WHAT YOU HAVE TO DO —
Lines below starting with the line with "#189026 = ORIENTED_EDGE( '', *, *, #237445, .T." and going on through the line with "#352376 = DIRECTION( '', ( 0., 1., 0. ) );" must be output exactly; the rest of the records must be left out.

[Recorded data]

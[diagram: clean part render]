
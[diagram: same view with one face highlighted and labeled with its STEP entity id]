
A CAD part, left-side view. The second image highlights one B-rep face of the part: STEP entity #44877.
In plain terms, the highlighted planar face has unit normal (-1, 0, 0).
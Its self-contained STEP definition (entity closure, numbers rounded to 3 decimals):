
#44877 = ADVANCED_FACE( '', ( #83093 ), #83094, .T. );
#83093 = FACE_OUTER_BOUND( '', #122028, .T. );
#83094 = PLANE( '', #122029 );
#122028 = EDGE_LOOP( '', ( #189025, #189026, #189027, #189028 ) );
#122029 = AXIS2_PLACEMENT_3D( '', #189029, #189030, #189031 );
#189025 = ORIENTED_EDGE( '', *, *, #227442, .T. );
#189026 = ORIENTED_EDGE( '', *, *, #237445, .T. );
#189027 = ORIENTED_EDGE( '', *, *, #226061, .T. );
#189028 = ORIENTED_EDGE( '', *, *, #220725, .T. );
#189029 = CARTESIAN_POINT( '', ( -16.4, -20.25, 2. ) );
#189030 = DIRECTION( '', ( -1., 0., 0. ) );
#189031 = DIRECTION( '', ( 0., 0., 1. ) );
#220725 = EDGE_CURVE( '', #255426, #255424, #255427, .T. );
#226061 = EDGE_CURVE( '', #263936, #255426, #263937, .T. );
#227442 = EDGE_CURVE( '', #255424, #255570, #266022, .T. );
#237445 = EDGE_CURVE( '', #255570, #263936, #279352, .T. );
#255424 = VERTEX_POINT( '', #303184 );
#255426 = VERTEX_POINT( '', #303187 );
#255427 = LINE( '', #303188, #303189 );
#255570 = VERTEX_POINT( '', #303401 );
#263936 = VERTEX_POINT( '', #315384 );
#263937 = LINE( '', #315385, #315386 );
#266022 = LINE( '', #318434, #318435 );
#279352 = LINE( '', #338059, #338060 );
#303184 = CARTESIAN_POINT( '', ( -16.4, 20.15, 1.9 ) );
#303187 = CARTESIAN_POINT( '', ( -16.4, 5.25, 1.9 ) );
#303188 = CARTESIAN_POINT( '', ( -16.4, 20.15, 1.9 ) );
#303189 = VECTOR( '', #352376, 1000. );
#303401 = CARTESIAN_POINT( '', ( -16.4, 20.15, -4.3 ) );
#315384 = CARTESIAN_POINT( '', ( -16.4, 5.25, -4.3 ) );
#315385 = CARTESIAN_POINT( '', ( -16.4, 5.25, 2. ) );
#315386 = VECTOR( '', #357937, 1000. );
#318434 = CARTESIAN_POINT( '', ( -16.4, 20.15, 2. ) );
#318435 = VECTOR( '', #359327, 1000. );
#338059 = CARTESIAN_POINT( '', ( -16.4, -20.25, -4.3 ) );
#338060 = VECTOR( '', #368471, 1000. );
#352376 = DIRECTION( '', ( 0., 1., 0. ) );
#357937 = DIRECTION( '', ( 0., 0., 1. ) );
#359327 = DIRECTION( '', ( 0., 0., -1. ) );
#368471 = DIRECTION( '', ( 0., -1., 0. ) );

ANSWER SPACE —
#189026 = ORIENTED_EDGE( '', *, *, #237445, .T. );
#189027 = ORIENTED_EDGE( '', *, *, #226061, .T. );
#189028 = ORIENTED_EDGE( '', *, *, #220725, .T. );
#189029 = CARTESIAN_POINT( '', ( -16.4, -20.25, 2. ) );
#189030 = DIRECTION( '', ( -1., 0., 0. ) );
#189031 = DIRECTION( '', ( 0., 0., 1. ) );
#220725 = EDGE_CURVE( '', #255426, #255424, #255427, .T. );
#226061 = EDGE_CURVE( '', #263936, #255426, #263937, .T. );
#227442 = EDGE_CURVE( '', #255424, #255570, #266022, .T. );
#237445 = EDGE_CURVE( '', #255570, #263936, #279352, .T. );
#255424 = VERTEX_POINT( '', #303184 );
#255426 = VERTEX_POINT( '', #303187 );
#255427 = LINE( '', #303188, #303189 );
#255570 = VERTEX_POINT( '', #303401 );
#263936 = VERTEX_POINT( '', #315384 );
#263937 = LINE( '', #315385, #315386 );
#266022 = LINE( '', #318434, #318435 );
#279352 = LINE( '', #338059, #338060 );
#303184 = CARTESIAN_POINT( '', ( -16.4, 20.15, 1.9 ) );
#303187 = CARTESIAN_POINT( '', ( -16.4, 5.25, 1.9 ) );
#303188 = CARTESIAN_POINT( '', ( -16.4, 20.15, 1.9 ) );
#303189 = VECTOR( '', #352376, 1000. );
#303401 = CARTESIAN_POINT( '', ( -16.4, 20.15, -4.3 ) );
#315384 = CARTESIAN_POINT( '', ( -16.4, 5.25, -4.3 ) );
#315385 = CARTESIAN_POINT( '', ( -16.4, 5.25, 2. ) );
#315386 = VECTOR( '', #357937, 1000. );
#318434 = CARTESIAN_POINT( '', ( -16.4, 20.15, 2. ) );
#318435 = VECTOR( '', #359327, 1000. );
#338059 = CARTESIAN_POINT( '', ( -16.4, -20.25, -4.3 ) );
#338060 = VECTOR( '', #368471, 1000. );
#352376 = DIRECTION( '', ( 0., 1., 0. ) );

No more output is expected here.